All-to-all communication is collective communication in which each node that is connected to a network performs transmission and reception of communication data for all of the nodes (including the each node) that are connected to the network. In the all-to-all communication, an appropriate communication algorithm varies depending on the size of communication data or a network topology. For example, when the size of the communication data is smaller than the size of general communication data, the communication delay and the number of communications become bottlenecked. Therefore, a communication algorithm is selected by which the communication delay hardly occurs, and the number of communications is reduced. In addition, the size of the communication data is larger than the size of general communication data, the width of the communication bandwidth becomes bottlenecked. Therefore, a communication algorithm is selected by which the width of the communication bandwidth is widely obtained.
The following technology of all-to-all communication is known. For example, in each computer in a parallel computer system, the speed-up of the communication is achieved by determining a communicating party at each phase so that the communication standby state does not occur.
In addition, the following technology of all-to-all communication is also known. For example, in order to avoid the occurrence of Head-of-Line (HoL) blocking in a network switch of a multi-core personal computer (PC) cluster, a 2-Level Ring algorithm is employed instead of a Ring algorithm. As a result, the HoL blocking is avoided, and a reduction in the utilization efficiency of the network is avoided when the all-to-all communication is performed.

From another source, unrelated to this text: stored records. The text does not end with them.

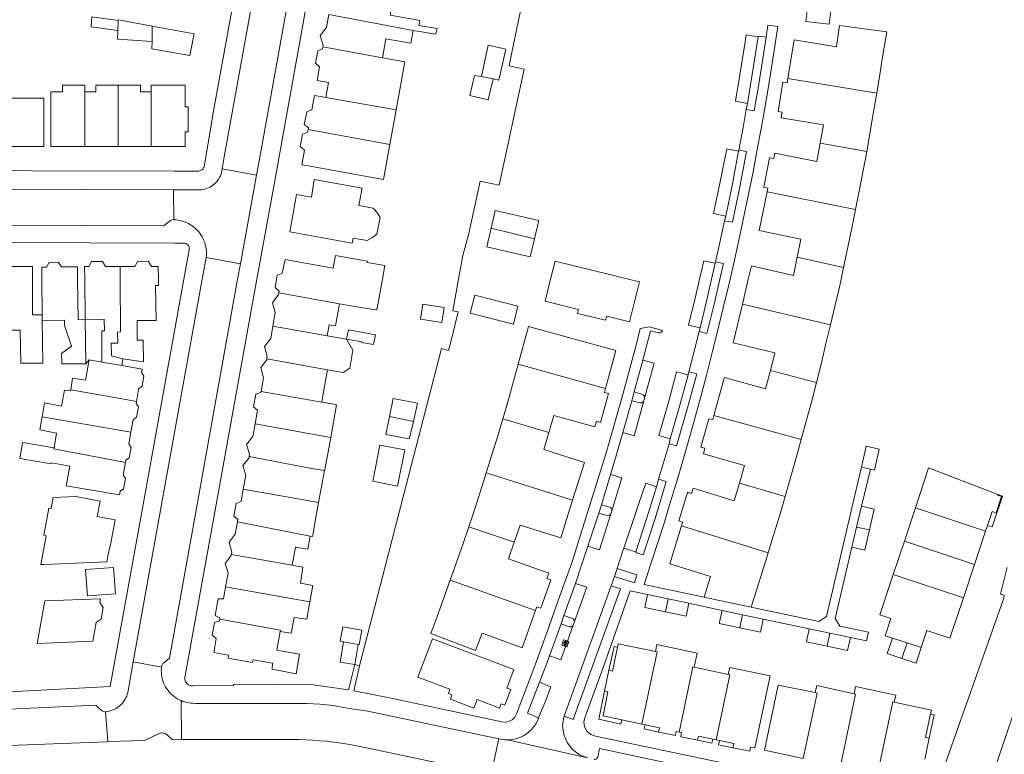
# Model space of a CAD drawing. Header units: metres. Extents: x 89888 to 94270, y 464165 to 468904.
# Tile 115 of 256: x 92333 to 92497, y 465961 to 466083. Entities that reach past the tile are written whole.
import ezdxf

# ---------------------------------------------------------------- set-up
doc = ezdxf.new("R2010")
doc.units = ezdxf.units.M
doc.layers.get('0').update_dxf_attribs({"linetype": 'CONTINUOUS'})
for name, color, linetype, lineweight in [('B_BEBOUWINGSGRENS_0', 251, 'CONTINUOUS', 13), ('B_LUIFEL_1', 251, 'CONTINUOUS', 13), ('B_TUSSENMUUR_0', 251, 'CONTINUOUS', 13), ('G_GRENS_ALGEMEEN_0', 251, 'CONTINUOUS', 13), ('Q_STADSVERWARMINGSPUT_0', 251, 'CONTINUOUS', 13), ('T_CULTUURGRENS_0', 251, 'CONTINUOUS', 13), ('T_HEK_LIJN_0', 251, 'CONTINUOUS', 13), ('V_WEGGRENS_0', 251, 'CONTINUOUS', 13)]:
    doc.layers.add(name, color=color, linetype=linetype, lineweight=lineweight)

# ---------------------------------------------------------------- blocks, each defined once
blk = doc.blocks.new('Q_STADSVERWARMINGSPUT')
for points in [[(-0.44, 0.46), (0.44, 0.46, -0.414214), (0.46, 0.44), (0.46, -0.44, -0.414214), (0.44, -0.46), (-0.44, -0.46, -0.414214), (-0.46, -0.44), (-0.46, 0.44), (-0.46, 0.44), (-0.46, 0.44), (-0.46, 0.45), (-0.46, 0.45), (-0.46, 0.45), (-0.46, 0.45), (-0.46, 0.45), (-0.46, 0.45), (-0.46, 0.45), (-0.45, 0.46), (-0.45, 0.46), (-0.45, 0.46), (-0.45, 0.46), (-0.45, 0.46), (-0.45, 0.46), (-0.44, 0.46), (-0.44, 0.46), (-0.44, 0.46)], [(-0.44, 0.46), (0.44, 0.46, -0.414214), (0.46, 0.44), (0.46, -0.44, -0.414214), (0.44, -0.46), (-0.44, -0.46, -0.414214), (-0.46, -0.44), (-0.46, 0.44), (-0.46, 0.44), (-0.46, 0.44), (-0.46, 0.45), (-0.46, 0.45), (-0.46, 0.45), (-0.46, 0.45), (-0.46, 0.45), (-0.46, 0.45), (-0.46, 0.45), (-0.45, 0.46), (-0.45, 0.46), (-0.45, 0.46), (-0.45, 0.46), (-0.45, 0.46), (-0.45, 0.46), (-0.44, 0.46), (-0.44, 0.46), (-0.44, 0.46)], [(-0.34, 0.1, 0.380426), (-0.27, -0.18)], [(-0.01, 0.26, 0.240218), (-0.34, 0.1)], [(-0.19, 0.04, 0.853344), (-0.19, -0.03)], [(0.19, 0.04, -0.849746), (0.19, -0.03), (-0.19, -0.03, -0.853344), (-0.19, 0.04), (0.19, 0.04)], [(0.33, 0.11, 0.240191), (-0.01, 0.26)], [(0.19, -0.03, 0.849746), (0.19, 0.04)], [(0.27, -0.18, 0.380426), (0.33, 0.11)], [(-0.27, -0.18, 0.148452), (0.01, -0.26)], [(0.01, -0.26, 0.131742), (0.27, -0.18)]]:
    blk.add_lwpolyline(points, format="xyb")
blk.add_lwpolyline([(-0.01, 0.26, 0.240218), (-0.34, 0.1, 0.380426), (-0.27, -0.18, 0.148452), (0.01, -0.26, 0.131742), (0.27, -0.18, 0.380426), (0.33, 0.11, 0.240191)], format="xyb", close=True)
for points in [[(-0.19, 0.04), (0.19, 0.04)], [(0.19, -0.03), (-0.19, -0.03)]]:
    blk.add_lwpolyline(points)
blk = doc.blocks.new('OGT_BLOK4_ACAD_1_FMEBLOCK23')
at = {"layer": 'B_BEBOUWINGSGRENS_0'}
blk.add_line((-3.61, 3.35), (-3.55, -2.55), dxfattribs=at)
blk.add_lwpolyline([(3.61, -3.34), (2.41, -3.35), (2.33, 3.35)], dxfattribs=at)
blk = doc.blocks.new('OGT_BLOK4_ACAD_1_FMEBLOCK22')
at = {"layer": 'B_BEBOUWINGSGRENS_0'}
blk.add_line((7.98, -2.55), (8.9, 2.55), dxfattribs=at)
blk.add_lwpolyline([(-8.67, 2.55), (-8.9, 1.16), (-8.24, 0.59), (-8.29, 0.32)], dxfattribs=at)

msp = doc.modelspace()

# ---------------------------------------------------------------- linework, layer by layer
at = {"layer": 'B_BEBOUWINGSGRENS_0'}
for p, q in [((92349.56, 466082.64), (92349.55, 466082.53)), ((92355.2, 466081.59), (92349.56, 466082.64)), ((92409.87, 466073.21), (92408.7, 466073.4)), ((92349.54, 466071.77), (92345.82, 466071.78)), ((92394.67, 466061.94), (92395.7, 466067.68)), ((92344.01, 466061.58), (92349.53, 466061.57)), ((92349.53, 466061.57), (92355.01, 466061.57)), ((92422.09, 466042.53), (92421.34, 466039.53)), ((92434.3, 466039.53), (92422.09, 466042.53)), ((92335.28, 466039.53), (92335.29, 466041.65)), ((92470.02, 466041.47), (92469.61, 466039.53)), ((92343.98, 466039.53), (92344.07, 466032.84)), ((92436.1, 466039.09), (92434.3, 466039.53)), ((92453.23, 466035.41), (92454.2, 466039.53)), ((92415.93, 466035.09), (92408.76, 466036.91)), ((92403.68, 466034.86), (92400.12, 466035.4)), ((92344.07, 466032.84), (92344.15, 466025.52)), ((92387.48, 466029.57), (92384.22, 466030.15)), ((92344.7, 466026.16), (92346.8, 466025.78)), ((92350.14, 466025.22), (92350.3, 466026.3)), ((92398.57, 466015.94), (92399.24, 466018.94)), ((92397.12, 466011.2), (92393.01, 466012.01)), ((92382.81, 466002.45), (92383.81, 466007.76)), ((92474.47, 466008.01), (92473.01, 466008.36)), ((92472.18, 465998.4), (92472.99, 466001.89)), ((92481.96, 466001.58), (92480.12, 465996.04)), ((92471.4, 465995.04), (92472.18, 465998.4)), ((92493.61, 465997.69), (92493.94, 465998.67)), ((92491.76, 465992.17), (92493.61, 465997.69)), ((92480.12, 465996.04), (92478.28, 465990.53)), ((92489.92, 465986.64), (92491.76, 465992.17)), ((92344.09, 465991.33), (92344.41, 465986.98)), ((92437.48, 465987.18), (92440.88, 465986.46)), ((92440.88, 465986.46), (92444.32, 465985.73)), ((92449.83, 465984.56), (92453.24, 465983.84)), ((92453.24, 465983.84), (92456.68, 465983.11)), ((92345.86, 465982.53), (92346.68, 465983.12)), ((92464.3, 465981.47), (92467.72, 465980.76)), ((92467.72, 465980.76), (92471.15, 465980.05)), ((92480.56, 465979.16), (92478.15, 465979.95)), ((92388.84, 465975.56), (92389.41, 465978.88)), ((92401.73, 465979.85), (92399.31, 465973.47)), ((92482.93, 465978.37), (92480.56, 465979.16)), ((92450.87, 465973.92), (92445.23, 465975.12)), ((92431.04, 465974.61), (92430.3, 465971.14)), ((92433.18, 465966.37), (92436.52, 465965.66)), ((92436.52, 465965.66), (92437.04, 465965.55)), ((92448.29, 465963.18), (92448.85, 465963.06)), ((92448.85, 465963.06), (92449.39, 465962.94)), ((92483.51, 465959.87), (92484.22, 465963.34))]:
    msp.add_line(p, q, dxfattribs=at)
for points in [[(92398.54, 466080.85), (92402.29, 466080.22), (92402.31, 466080.32), (92402.5, 466081.16), (92399.46, 466081.68), (92399.62, 466082.5), (92394.72, 466083.41), (92395.4, 466087.15)], [(92464.12, 466085.42), (92463.75, 466082.35), (92467.63, 466081.9), (92467.99, 466084.98), (92464.12, 466085.42)], [(92349.55, 466082.53), (92345.14, 466083.13), (92345.07, 466081.47), (92349.49, 466080.85)], [(92384.52, 466083.53), (92384.12, 466081.33), (92383.1, 466079.99), (92383.59, 466078.38), (92383.55, 466078.11)], [(92355.2, 466079.02), (92355.14, 466077.8), (92361.43, 466076.7), (92362.14, 466080.31), (92355.2, 466081.59)], [(92460.74, 466072.85), (92461.81, 466079.31), (92468.83, 466078.16), (92469.37, 466081.69), (92477.19, 466080.62), (92476.56, 466076.78), (92476.03, 466073.52), (92475.53, 466070.43)], [(92349.49, 466080.85), (92349.44, 466079.42), (92355.2, 466079.02)], [(92393.45, 466076.33), (92394.01, 466079.46), (92398.12, 466078.72), (92398.54, 466080.85)], [(92383.55, 466078.11), (92383.49, 466077.79), (92382.68, 466077.48), (92382.29, 466075.4), (92382.95, 466074.82), (92382.56, 466072.52), (92384.46, 466072.19), (92384.03, 466069.73)], [(92411.79, 466072.84), (92412.75, 466072.61), (92413.94, 466077.73), (92410.98, 466078.42), (92409.87, 466073.21)], [(92395.7, 466067.68), (92397.17, 466075.64), (92393.45, 466076.33)], [(92408.7, 466073.4), (92407.93, 466070.07), (92410.98, 466069.36), (92411.79, 466072.84)], [(92344.01, 466070.68), (92344.01, 466071.78), (92340.26, 466071.78), (92340.26, 466070.68), (92338.36, 466070.68), (92338.36, 466061.58), (92344.01, 466061.58)], [(92345.82, 466071.78), (92345.81, 466070.68), (92344.01, 466070.68)], [(92355.01, 466070.67), (92353.26, 466070.67), (92353.26, 466071.77), (92349.54, 466071.77)], [(92355.01, 466061.57), (92360.66, 466061.56), (92360.66, 466064.01), (92361.16, 466064.01), (92361.16, 466068.16), (92360.66, 466068.16), (92360.66, 466071.76), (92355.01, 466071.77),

The all-to-all communication is also performed in a fat-tree type system in which a network topology having a tree-shaped structure, called a fat-tree, is employed. The fat-tree type system is, for example, a system in which network switches are connected to each other at multiple-stages, and a plurality of highest-order network switches are provided, as illustrated in FIG. 1. In the example of FIG. 1, Leaf switches 1 to 3 are arranged at the positions of the end of the fat-tree, and Spine switches 1 to 3 are arranged as higher-order network switches than the Leaf switches 1 to 3. Nodes are connected to each of the Leaf switches 1 to 3. For example, nodes 0 to 2 are connected to the Leaf switch 1, and nodes 3 to 5 are connected to the Leaf switch 2, and nodes 6 to 8 are connected to the Leaf switch 3. It is assumed that communication data that is exchanged between the nodes passes through one of the Spine switches 1 to 3.
In the system of such a fat-tree type, the influence range is increased when a failure occurs in the network switch unless a communication algorithm is appropriate for the all-to-all communication. However, in the above-described related arts, such a problem is not considered.
The related art is discussed in Japanese Laid-open Patent Publication No. 11-110362.
In addition, the related art is also discussed in Naruse Akira, Nakashima Kohta, Sumimoto Shinji, and Kumon Kouichi, “A Proposal and Evaluation of All-to-all Algorithm for Multi-core PC Cluster Systems”, Symposium on Advanced Computing Systems and Infrastructures (SACSIS) 2010, pp. 311-318, May 2010.